→ ASSIGNMENT:
Write out only the final part of the records below. It begins with the line that contains "Saved by Autodesk" and ends with the last line.

Stored data:
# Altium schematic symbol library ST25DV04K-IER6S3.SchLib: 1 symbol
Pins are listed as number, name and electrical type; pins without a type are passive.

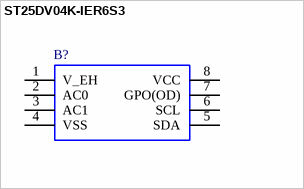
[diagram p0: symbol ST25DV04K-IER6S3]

## ST25DV04K-IER6S3
designator B?
STMICROELECTRONICS - ST25DV04K-IER6S3 - RFID/NFC IC, 13.553 MHz to 13.567 MHz, Read, Write, 4Kbit, I2C, 1.8 V to 5.5 V, SOIC-8; Geometry.Height: 1.75mm
footprint SOIC127P600X175-8N
pins: 1 V_EH, 2 AC0, 3 AC1, 4 VSS, 5 SDA, 6 SCL, 7 GPO(OD), 8 VCC
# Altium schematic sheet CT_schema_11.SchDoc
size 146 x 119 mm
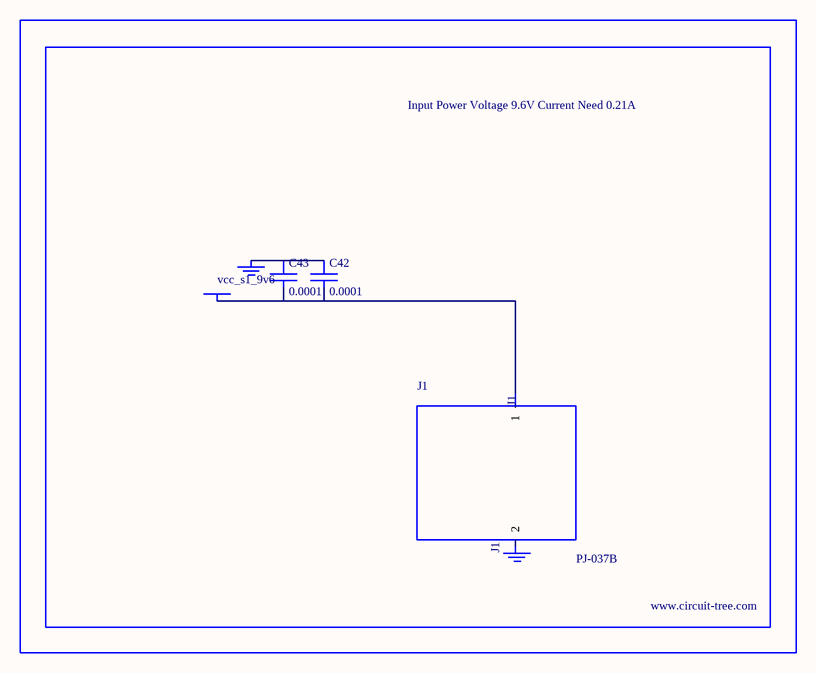
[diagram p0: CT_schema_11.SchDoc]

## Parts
BORDER10  (no value)
C42  0.0001  [EXV-9H]
C43  0.0001  [EXV-9H]
GND_INSTANCE_10_0  (no value)
GND_INSTANCE_10_1  (no value)
J1  PJ-037B  [PJ-037B_PACKAGE]
POWER_INSTANCE_10_0  vcc_s1_9v6

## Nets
NetC42_1: C42.1 C43.1 GND_INSTANCE_10_0.0(GND)
NetC42_2: C42.2 C43.2 J1.1 POWER_INSTANCE_10_0.0(PWR)

Not connected (* = marked no-connect by the designer): GND_INSTANCE_10_1 0(GND); J1 2

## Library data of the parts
BORDER10 = BORDER_PAGE10
C42 C43 = EDK107M035A9HAA
GND_INSTANCE_10_0 GND_INSTANCE_10_1 = GND
POWER_INSTANCE_10_0 = PWR
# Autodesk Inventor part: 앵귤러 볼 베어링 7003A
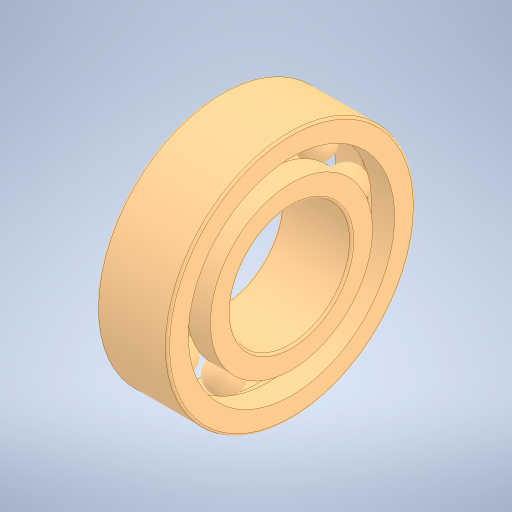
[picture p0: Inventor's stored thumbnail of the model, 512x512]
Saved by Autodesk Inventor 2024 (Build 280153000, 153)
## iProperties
Created: 2024-11
Part Number: 앵귤러 볼 베어링 7003A
Material: 강철, 연강
Description: 앵귤러 콘택트 볼 베어링
Document SubType Name: Modeling
Designer: user
Density: 7.85 g/cm^3
Appearance: 기본값
Author: jhkim
Sending System: Autodesk Inventor 2025
Preprocessor: ST-DEVELOPER v20
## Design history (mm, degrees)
node "앵귤러 볼 베어링 7003A1"
node "솔리드1"
node "솔리드2"
node "솔리드3"
node "솔리드4"
node "솔리드5"
node "솔리드6"
node "솔리드7"
node "솔리드8"
node "솔리드9"
node "솔리드10"
node "솔리드11"
body "Solid1"
node "Solid1:1"
node "Solid1:2"
node "Solid1:3"
node "Solid1:4"
node "Solid1:5"
node "Solid1:6"
node "Solid1:7"
node "Solid1:8"
node "Solid1:9"
node "Solid1:10"

→ RESULT BELOW:
Saved by Autodesk Inventor 2024 (Build 280153000, 153)
## iProperties
Created: 2024-11
Part Number: 앵귤러 볼 베어링 7003A
Material: 강철, 연강
Description: 앵귤러 콘택트 볼 베어링
Document SubType Name: Modeling
Designer: user
Density: 7.85 g/cm^3
Appearance: 기본값
Author: jhkim
Sending System: Autodesk Inventor 2025
Preprocessor: ST-DEVELOPER v20
## Design history (mm, degrees)
node "앵귤러 볼 베어링 7003A1"
node "솔리드1"
node "솔리드2"
node "솔리드3"
node "솔리드4"
node "솔리드5"
node "솔리드6"
node "솔리드7"
node "솔리드8"
node "솔리드9"
node "솔리드10"
node "솔리드11"
body "Solid1"
node "Solid1:1"
node "Solid1:2"
node "Solid1:3"
node "Solid1:4"
node "Solid1:5"
node "Solid1:6"
node "Solid1:7"
node "Solid1:8"
node "Solid1:9"
node "Solid1:10"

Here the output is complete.